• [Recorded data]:
----
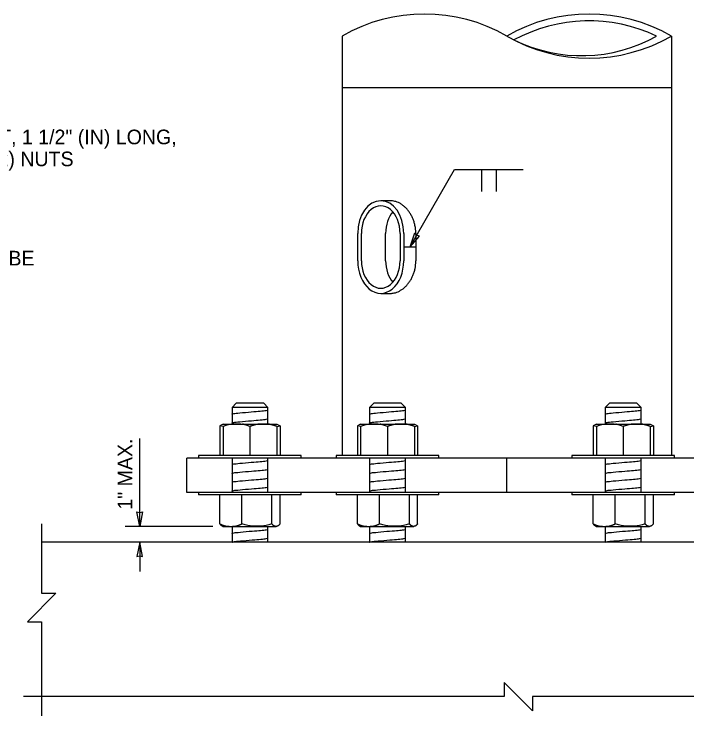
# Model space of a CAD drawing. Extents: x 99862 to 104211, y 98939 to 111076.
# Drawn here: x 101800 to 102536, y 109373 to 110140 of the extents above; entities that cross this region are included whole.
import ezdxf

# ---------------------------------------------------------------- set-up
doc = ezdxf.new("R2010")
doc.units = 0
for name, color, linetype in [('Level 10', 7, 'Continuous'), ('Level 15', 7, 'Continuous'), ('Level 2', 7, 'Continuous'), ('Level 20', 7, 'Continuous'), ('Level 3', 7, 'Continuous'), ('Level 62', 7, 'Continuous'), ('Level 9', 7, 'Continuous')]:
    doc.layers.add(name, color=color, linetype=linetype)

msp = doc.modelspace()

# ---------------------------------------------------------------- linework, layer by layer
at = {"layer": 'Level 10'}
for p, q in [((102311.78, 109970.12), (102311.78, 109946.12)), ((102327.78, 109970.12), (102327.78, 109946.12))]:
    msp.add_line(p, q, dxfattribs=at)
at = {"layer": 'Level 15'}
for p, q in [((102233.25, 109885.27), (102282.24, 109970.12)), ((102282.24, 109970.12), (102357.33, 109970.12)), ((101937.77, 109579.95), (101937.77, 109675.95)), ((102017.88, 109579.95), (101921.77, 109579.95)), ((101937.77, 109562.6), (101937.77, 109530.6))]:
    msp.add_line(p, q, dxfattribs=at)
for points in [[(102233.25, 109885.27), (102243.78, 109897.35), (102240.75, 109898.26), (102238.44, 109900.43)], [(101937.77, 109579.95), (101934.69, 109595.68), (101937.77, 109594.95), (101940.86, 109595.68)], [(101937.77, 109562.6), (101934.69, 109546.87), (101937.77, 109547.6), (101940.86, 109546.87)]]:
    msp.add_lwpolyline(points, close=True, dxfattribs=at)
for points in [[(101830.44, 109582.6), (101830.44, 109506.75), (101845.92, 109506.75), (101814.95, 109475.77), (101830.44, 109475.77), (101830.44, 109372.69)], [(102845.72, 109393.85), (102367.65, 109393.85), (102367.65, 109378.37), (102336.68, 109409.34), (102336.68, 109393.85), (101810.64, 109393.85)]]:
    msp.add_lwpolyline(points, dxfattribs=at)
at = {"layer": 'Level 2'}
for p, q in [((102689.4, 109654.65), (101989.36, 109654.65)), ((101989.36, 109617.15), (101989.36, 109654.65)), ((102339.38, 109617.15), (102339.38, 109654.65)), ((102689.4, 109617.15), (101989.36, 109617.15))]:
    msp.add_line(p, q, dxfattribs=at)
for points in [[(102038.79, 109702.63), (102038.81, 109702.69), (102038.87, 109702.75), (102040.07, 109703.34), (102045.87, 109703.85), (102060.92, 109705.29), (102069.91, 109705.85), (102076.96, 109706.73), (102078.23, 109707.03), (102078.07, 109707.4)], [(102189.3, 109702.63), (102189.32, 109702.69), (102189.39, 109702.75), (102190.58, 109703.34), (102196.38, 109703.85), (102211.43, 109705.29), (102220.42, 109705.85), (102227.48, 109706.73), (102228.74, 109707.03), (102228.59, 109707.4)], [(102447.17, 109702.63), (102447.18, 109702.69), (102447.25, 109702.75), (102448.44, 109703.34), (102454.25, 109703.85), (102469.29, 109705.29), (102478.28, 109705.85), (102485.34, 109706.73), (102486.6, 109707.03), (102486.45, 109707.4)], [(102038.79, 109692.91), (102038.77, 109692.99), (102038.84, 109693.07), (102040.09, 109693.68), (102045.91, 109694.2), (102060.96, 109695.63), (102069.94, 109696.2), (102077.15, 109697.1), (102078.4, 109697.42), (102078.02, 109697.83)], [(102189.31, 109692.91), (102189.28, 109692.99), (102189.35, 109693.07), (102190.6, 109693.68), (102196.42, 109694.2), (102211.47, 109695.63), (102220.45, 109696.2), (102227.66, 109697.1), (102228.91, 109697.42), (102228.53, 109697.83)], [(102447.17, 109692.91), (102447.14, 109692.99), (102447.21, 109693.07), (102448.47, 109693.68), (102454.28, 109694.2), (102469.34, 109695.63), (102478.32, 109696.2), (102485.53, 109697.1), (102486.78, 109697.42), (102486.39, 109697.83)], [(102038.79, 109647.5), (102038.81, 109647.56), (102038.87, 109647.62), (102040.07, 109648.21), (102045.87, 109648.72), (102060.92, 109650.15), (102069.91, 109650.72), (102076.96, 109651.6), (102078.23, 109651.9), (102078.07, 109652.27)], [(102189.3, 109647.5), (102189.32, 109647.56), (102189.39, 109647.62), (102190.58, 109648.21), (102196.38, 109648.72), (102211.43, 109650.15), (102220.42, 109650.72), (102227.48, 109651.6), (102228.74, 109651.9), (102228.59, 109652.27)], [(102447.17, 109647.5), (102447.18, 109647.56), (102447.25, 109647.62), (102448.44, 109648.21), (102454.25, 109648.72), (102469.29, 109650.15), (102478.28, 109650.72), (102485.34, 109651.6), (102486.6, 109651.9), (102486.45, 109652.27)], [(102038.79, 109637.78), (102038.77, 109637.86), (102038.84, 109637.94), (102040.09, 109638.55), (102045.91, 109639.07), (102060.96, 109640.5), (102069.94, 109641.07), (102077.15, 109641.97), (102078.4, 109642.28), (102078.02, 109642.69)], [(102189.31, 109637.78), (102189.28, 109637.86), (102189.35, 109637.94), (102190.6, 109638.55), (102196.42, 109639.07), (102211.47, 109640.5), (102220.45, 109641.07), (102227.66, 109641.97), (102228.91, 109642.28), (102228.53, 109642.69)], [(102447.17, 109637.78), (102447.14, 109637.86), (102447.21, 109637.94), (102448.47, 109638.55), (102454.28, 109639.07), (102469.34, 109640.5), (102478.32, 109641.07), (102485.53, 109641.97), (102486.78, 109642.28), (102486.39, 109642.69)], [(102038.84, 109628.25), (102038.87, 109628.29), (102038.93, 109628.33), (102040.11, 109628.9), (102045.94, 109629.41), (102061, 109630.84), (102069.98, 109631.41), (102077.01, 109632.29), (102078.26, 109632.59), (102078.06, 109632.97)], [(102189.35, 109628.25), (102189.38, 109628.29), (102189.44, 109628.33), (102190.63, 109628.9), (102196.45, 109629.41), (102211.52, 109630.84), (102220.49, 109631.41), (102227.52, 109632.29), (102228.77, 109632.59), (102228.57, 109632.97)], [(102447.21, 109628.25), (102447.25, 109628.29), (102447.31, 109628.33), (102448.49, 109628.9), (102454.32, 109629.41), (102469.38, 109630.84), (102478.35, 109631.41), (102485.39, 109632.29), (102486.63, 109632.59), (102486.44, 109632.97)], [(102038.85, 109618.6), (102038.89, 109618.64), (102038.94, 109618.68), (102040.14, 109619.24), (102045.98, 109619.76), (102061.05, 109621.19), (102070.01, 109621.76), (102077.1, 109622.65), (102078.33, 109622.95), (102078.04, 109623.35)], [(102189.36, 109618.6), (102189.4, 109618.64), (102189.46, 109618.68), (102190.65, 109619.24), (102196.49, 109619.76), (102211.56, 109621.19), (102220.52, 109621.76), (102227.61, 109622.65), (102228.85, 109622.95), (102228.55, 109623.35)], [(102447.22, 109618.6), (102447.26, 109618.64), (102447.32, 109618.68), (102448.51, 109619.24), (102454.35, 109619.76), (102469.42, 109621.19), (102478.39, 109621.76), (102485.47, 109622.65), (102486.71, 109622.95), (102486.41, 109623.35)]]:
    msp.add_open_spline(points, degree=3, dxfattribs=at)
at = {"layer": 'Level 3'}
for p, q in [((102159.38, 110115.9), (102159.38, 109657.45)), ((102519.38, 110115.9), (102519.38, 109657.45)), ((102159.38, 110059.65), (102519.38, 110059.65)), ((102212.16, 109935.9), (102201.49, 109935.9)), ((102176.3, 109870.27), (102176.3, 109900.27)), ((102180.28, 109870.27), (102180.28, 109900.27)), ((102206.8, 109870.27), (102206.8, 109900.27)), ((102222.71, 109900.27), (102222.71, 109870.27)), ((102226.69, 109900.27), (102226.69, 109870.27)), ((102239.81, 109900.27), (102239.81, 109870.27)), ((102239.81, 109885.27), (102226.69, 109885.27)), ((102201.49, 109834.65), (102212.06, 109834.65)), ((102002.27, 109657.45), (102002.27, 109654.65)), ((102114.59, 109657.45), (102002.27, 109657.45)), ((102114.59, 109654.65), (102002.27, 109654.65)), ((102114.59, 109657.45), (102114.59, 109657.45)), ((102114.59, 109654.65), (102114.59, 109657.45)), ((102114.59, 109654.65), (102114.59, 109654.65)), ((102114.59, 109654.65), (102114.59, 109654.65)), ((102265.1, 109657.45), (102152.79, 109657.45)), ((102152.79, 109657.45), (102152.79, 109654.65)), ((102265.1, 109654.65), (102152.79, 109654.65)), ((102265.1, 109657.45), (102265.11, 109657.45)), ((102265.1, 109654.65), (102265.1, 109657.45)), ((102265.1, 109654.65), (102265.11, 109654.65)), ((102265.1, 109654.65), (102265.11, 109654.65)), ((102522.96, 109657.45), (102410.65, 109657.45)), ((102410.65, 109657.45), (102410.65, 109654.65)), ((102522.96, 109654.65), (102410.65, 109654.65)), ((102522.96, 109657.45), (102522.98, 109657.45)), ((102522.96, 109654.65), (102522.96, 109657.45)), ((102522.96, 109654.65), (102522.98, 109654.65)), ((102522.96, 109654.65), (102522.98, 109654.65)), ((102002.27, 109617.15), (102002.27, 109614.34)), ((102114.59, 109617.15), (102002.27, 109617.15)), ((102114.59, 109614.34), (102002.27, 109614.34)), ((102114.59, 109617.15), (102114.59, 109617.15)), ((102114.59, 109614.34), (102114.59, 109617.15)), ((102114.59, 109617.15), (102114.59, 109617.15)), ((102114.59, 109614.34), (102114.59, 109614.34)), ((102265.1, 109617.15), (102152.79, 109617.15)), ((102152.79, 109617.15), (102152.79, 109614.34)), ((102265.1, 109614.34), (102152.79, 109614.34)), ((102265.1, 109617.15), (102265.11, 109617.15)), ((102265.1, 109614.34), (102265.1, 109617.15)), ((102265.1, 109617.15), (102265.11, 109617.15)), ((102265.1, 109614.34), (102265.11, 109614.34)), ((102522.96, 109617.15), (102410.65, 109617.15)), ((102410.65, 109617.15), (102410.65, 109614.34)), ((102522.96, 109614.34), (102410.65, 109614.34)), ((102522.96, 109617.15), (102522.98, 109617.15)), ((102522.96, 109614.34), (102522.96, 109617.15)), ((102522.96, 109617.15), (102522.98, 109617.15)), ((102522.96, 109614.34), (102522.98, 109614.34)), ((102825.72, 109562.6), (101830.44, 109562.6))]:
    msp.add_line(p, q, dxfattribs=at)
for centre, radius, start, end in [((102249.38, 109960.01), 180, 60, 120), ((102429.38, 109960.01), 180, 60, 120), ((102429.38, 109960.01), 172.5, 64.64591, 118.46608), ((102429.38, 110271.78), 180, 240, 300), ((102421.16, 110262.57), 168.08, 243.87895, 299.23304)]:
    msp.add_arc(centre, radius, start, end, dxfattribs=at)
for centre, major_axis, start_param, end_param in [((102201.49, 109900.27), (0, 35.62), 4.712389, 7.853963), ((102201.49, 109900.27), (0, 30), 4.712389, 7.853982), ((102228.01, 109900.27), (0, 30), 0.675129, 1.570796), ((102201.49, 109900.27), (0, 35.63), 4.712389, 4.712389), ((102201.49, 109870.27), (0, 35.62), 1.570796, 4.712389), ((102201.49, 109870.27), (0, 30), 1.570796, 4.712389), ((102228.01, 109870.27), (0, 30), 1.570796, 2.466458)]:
----
• [WHAT YOU NEED TO DO]: The answer must consist solely of the lines from the first line of the data through the line containing "import ezdxf", inclusive, reproduced exactly and without pictures.

• [YOUR RESPONSE]:
# Model space of a CAD drawing. Extents: x 99862 to 104211, y 98939 to 111076.
# Drawn here: x 101800 to 102536, y 109373 to 110140 of the extents above; entities that cross this region are included whole.
import ezdxf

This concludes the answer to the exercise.